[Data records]
******************************
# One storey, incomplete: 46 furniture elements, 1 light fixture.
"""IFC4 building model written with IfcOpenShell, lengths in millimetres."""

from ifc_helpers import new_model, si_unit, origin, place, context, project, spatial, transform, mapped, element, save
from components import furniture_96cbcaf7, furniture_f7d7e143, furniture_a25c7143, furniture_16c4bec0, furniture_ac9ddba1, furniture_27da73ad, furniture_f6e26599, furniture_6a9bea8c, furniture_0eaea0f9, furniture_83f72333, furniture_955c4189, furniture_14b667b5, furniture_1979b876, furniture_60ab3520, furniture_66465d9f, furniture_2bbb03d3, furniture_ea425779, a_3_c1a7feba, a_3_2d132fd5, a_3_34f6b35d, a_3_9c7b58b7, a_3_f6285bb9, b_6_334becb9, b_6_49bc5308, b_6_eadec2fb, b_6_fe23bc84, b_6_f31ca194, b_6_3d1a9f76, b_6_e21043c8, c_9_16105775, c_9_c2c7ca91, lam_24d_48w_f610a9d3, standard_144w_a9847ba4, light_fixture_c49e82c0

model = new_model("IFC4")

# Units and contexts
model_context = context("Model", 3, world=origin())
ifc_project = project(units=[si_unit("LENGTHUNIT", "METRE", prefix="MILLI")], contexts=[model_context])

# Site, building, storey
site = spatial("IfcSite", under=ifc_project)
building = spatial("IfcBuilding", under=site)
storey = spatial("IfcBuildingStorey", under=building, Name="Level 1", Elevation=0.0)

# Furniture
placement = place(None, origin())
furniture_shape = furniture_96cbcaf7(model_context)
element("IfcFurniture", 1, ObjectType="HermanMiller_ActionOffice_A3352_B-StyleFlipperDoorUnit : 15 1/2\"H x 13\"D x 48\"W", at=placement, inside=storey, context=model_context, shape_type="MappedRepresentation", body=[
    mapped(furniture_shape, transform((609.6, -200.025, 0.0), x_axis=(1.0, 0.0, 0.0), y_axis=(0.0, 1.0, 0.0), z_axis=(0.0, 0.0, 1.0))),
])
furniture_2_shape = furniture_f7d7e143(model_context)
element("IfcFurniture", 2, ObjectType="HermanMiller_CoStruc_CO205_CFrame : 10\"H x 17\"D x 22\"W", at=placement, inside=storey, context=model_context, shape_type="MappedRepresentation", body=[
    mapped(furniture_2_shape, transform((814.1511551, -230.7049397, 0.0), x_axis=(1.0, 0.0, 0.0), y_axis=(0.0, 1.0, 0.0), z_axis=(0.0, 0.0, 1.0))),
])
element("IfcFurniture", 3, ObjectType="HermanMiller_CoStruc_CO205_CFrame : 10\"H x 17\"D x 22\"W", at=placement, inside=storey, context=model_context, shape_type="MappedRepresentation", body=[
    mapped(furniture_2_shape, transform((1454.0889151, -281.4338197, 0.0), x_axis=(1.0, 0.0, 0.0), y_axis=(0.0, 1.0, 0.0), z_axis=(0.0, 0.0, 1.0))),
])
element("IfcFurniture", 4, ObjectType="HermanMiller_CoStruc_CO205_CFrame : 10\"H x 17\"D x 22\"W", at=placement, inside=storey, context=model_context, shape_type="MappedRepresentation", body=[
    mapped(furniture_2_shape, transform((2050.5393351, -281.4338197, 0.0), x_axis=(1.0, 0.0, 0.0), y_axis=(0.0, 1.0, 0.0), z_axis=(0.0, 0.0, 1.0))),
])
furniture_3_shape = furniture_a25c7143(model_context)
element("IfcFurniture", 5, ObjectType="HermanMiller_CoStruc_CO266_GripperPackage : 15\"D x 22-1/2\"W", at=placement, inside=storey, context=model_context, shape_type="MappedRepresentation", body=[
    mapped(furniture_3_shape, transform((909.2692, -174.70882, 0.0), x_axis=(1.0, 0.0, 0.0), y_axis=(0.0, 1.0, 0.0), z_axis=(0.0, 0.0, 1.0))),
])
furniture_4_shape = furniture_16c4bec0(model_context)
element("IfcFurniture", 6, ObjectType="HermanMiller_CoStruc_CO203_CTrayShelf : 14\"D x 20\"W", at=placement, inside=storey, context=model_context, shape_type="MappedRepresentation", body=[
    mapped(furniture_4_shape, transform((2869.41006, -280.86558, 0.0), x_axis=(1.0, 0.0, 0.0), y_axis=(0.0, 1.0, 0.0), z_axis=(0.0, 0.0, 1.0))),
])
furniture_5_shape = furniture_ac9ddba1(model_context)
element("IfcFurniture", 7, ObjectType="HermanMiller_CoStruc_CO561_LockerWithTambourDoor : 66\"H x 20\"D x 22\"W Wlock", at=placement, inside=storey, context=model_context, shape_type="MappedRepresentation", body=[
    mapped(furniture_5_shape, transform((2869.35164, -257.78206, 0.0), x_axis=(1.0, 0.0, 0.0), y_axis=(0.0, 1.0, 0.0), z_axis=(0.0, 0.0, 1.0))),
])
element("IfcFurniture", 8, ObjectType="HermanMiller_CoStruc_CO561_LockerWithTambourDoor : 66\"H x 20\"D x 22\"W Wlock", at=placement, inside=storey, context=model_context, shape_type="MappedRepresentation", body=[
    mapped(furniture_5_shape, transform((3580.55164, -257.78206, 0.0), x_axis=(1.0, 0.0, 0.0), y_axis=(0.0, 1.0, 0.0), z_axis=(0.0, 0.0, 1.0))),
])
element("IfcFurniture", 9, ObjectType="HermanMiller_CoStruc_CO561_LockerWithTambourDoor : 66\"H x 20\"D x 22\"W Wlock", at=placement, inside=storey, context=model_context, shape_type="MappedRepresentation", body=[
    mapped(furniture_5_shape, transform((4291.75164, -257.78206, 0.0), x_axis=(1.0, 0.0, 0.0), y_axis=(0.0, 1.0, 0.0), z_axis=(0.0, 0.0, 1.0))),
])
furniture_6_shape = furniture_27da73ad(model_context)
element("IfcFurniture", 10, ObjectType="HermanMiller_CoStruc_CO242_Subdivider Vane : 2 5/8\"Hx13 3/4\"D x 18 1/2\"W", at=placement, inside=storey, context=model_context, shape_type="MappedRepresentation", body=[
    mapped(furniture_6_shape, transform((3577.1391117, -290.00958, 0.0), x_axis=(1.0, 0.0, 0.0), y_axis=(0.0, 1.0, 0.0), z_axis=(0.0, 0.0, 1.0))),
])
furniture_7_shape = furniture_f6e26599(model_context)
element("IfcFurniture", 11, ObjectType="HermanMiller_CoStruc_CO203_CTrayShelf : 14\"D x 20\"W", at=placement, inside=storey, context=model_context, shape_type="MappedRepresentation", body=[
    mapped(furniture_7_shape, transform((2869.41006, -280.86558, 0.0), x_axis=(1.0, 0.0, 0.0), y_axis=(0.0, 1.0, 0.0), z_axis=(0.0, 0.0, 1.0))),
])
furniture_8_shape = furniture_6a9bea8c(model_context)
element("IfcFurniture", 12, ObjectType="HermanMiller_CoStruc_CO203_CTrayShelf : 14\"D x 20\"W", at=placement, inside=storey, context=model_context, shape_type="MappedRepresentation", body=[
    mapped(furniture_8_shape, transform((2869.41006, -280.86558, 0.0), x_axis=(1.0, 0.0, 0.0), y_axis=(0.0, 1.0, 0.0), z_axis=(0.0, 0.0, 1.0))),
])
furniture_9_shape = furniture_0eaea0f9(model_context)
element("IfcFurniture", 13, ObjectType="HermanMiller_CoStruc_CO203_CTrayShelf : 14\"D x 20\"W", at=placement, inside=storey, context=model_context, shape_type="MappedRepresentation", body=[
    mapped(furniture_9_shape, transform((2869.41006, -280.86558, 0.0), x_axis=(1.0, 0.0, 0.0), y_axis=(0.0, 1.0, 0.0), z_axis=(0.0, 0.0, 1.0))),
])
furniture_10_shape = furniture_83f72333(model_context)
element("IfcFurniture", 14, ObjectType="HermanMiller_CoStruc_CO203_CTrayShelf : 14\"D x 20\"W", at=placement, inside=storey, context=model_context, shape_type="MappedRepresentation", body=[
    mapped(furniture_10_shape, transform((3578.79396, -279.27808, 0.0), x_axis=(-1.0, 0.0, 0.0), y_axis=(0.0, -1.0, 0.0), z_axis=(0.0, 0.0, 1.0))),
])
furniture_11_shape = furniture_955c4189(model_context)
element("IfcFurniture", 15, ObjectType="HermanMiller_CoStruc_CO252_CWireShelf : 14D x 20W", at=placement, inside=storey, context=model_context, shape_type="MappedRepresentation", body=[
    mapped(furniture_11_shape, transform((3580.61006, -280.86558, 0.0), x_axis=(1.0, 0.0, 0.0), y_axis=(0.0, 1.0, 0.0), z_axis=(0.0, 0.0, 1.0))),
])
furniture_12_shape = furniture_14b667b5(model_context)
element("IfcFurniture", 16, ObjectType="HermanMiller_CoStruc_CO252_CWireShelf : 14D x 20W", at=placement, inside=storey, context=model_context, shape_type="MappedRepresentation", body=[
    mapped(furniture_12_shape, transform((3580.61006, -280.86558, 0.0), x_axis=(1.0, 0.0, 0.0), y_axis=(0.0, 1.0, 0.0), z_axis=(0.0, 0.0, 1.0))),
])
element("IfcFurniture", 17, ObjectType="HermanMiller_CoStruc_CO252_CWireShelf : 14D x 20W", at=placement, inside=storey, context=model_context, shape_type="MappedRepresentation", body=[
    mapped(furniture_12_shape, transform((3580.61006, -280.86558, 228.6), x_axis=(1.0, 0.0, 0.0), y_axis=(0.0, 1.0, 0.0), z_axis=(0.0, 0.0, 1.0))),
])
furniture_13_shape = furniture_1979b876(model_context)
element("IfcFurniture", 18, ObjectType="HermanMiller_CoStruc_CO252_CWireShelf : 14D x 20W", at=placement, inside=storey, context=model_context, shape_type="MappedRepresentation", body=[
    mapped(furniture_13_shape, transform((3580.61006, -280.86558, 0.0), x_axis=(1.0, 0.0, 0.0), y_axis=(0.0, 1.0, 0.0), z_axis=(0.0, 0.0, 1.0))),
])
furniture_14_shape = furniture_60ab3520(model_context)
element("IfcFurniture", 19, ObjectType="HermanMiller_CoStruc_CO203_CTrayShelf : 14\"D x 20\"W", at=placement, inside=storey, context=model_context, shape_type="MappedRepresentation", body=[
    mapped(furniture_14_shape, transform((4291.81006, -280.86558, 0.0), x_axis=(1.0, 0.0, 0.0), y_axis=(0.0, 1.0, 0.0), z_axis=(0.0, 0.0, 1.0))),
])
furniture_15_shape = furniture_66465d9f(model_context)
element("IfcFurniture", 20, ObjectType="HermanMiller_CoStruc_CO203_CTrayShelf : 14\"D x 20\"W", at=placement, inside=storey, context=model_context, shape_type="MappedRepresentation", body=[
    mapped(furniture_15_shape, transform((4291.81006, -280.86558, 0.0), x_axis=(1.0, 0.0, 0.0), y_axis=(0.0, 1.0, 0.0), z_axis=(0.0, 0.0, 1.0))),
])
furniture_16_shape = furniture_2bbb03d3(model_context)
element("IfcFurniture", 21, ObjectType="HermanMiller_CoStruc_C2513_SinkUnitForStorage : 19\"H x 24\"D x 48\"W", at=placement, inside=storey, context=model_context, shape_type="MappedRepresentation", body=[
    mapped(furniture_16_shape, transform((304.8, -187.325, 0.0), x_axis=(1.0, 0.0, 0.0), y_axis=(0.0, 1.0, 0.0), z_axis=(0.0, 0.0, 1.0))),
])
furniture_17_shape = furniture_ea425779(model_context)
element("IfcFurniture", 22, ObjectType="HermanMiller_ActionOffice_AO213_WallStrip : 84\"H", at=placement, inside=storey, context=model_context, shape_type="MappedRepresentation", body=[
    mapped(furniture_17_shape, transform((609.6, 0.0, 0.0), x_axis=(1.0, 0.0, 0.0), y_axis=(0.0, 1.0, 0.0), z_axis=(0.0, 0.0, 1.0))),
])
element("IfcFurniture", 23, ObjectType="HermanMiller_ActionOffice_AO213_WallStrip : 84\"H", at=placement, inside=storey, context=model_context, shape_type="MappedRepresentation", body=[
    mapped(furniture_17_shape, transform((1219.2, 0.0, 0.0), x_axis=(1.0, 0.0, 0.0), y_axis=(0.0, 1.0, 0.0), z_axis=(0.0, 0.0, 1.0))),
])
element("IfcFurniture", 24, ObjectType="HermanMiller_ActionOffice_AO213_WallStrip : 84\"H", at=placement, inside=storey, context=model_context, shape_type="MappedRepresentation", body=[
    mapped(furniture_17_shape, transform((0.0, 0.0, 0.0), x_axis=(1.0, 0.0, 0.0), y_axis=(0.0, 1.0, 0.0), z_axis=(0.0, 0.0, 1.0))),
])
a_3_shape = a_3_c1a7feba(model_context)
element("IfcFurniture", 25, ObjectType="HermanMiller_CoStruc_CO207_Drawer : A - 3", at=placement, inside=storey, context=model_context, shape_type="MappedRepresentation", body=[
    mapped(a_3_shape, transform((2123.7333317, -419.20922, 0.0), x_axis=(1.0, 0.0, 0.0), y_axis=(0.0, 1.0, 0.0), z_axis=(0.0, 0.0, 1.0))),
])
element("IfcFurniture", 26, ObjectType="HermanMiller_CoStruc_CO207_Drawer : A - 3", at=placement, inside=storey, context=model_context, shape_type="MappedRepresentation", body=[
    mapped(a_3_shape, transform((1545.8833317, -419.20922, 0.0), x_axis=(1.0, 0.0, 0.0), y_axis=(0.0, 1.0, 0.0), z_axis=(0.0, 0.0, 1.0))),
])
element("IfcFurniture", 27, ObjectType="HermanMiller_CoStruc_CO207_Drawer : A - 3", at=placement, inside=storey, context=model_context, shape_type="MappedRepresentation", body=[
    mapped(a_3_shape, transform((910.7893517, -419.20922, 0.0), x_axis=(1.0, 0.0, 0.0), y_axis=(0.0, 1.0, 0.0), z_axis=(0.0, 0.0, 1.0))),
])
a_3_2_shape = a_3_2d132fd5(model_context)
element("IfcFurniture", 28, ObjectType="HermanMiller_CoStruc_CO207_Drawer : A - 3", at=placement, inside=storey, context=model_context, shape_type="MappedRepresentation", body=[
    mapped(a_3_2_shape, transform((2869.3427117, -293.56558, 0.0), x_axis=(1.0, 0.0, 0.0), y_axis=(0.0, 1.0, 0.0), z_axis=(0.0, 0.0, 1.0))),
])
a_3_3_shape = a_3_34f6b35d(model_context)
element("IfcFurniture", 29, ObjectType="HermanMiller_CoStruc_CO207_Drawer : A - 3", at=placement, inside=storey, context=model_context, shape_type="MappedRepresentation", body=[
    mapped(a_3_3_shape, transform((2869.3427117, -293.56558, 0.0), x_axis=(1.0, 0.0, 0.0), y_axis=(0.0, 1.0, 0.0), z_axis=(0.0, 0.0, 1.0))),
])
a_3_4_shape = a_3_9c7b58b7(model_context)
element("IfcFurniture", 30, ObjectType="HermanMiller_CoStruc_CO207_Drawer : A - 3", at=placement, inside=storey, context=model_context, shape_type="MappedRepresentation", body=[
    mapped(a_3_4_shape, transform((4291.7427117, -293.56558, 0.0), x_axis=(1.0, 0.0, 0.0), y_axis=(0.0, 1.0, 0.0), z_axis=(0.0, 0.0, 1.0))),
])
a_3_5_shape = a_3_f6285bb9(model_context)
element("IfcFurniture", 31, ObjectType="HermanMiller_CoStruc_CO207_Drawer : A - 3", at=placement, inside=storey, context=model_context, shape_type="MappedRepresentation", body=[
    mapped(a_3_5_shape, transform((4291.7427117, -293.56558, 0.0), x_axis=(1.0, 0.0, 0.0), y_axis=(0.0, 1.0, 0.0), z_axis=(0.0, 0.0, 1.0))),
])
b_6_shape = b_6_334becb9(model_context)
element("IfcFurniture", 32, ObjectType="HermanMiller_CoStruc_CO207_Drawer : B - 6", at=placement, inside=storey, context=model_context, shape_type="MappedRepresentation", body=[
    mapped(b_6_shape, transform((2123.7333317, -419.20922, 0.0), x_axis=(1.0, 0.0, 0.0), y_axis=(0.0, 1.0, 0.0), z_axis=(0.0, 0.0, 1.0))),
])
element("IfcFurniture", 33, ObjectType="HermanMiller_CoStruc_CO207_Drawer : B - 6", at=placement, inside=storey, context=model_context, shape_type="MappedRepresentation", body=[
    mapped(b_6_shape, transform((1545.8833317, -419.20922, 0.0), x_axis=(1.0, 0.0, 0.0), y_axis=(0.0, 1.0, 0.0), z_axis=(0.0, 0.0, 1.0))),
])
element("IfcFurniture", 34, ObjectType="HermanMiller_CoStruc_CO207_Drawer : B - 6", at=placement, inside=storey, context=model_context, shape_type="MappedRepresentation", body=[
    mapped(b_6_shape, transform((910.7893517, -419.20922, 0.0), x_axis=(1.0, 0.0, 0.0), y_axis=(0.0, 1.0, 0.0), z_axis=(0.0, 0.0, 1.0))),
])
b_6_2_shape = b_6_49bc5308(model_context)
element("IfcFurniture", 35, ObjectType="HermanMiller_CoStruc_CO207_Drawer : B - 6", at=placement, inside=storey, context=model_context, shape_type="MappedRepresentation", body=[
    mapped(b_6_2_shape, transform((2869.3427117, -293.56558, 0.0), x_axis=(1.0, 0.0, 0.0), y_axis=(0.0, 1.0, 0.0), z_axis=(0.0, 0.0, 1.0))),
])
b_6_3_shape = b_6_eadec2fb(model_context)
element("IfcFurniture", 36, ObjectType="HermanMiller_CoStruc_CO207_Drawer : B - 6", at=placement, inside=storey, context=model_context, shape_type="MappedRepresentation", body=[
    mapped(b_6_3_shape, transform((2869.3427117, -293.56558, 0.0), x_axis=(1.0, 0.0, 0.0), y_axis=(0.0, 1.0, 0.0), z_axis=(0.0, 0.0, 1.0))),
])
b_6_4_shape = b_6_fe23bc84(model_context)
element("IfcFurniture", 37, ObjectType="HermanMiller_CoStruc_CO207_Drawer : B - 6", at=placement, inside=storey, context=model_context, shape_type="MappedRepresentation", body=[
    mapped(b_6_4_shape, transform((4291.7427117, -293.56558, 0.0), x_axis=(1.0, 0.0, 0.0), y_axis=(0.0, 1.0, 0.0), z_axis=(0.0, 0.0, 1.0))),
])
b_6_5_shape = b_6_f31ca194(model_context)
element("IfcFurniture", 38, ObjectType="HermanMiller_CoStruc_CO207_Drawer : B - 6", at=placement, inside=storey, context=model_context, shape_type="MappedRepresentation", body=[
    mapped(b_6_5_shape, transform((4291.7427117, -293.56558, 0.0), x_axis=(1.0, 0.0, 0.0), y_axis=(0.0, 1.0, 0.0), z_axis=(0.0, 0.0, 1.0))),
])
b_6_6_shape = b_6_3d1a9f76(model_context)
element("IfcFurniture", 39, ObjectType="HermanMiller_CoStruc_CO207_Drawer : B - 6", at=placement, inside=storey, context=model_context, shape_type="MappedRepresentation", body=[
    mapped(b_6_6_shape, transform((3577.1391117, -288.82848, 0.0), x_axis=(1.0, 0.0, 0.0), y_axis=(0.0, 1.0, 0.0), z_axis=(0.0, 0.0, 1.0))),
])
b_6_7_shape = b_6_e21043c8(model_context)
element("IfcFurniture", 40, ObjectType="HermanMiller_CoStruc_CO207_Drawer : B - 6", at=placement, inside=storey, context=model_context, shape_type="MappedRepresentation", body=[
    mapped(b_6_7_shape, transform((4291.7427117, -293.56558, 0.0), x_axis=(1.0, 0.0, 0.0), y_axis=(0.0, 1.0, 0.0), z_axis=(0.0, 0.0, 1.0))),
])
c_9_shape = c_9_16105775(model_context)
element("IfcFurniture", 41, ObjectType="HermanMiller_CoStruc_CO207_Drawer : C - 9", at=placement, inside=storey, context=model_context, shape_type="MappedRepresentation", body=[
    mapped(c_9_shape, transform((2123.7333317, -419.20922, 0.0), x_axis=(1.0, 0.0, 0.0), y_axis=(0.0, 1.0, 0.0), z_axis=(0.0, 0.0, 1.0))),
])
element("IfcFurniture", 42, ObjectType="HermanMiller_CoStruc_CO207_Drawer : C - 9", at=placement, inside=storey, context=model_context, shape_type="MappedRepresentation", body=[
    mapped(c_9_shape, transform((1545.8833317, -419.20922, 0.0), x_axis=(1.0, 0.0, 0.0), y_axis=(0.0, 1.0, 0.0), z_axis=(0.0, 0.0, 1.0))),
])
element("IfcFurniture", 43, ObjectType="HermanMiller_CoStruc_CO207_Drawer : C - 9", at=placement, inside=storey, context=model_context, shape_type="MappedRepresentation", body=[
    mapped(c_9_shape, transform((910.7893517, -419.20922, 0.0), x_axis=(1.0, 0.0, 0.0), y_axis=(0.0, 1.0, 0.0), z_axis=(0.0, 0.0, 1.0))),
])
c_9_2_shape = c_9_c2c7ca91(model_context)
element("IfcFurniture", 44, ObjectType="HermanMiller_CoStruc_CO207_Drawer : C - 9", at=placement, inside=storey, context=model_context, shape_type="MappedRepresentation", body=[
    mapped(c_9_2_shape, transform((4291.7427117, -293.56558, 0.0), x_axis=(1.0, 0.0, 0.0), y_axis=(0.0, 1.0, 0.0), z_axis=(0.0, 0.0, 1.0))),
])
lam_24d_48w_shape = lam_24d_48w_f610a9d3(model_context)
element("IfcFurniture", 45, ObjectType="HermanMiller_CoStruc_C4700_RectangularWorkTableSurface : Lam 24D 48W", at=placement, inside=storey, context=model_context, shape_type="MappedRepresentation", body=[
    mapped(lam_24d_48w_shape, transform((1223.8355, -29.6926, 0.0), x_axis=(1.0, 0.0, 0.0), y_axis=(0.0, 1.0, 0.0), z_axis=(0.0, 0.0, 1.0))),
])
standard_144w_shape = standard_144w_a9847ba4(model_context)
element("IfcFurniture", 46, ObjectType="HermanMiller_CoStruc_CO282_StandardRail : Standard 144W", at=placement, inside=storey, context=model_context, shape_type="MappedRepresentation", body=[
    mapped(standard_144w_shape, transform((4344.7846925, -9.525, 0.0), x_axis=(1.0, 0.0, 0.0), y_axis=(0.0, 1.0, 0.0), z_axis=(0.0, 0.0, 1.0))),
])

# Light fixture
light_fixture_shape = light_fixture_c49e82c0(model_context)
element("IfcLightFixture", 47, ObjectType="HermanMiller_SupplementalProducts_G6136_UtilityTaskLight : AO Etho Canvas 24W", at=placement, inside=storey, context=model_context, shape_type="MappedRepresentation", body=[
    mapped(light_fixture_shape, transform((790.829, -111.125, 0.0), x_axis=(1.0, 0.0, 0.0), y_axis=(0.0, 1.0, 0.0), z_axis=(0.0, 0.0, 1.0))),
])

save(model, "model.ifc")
******************************
The lines needed are the ones from the first line of the entries through the line that contains "from ifc_helpers import", given again without any change.

RESULT OF THE TASK =
# One storey, incomplete: 46 furniture elements, 1 light fixture.
"""IFC4 building model written with IfcOpenShell, lengths in millimetres."""

from ifc_helpers import new_model, si_unit, origin, place, context, project, spatial, transform, mapped, element, save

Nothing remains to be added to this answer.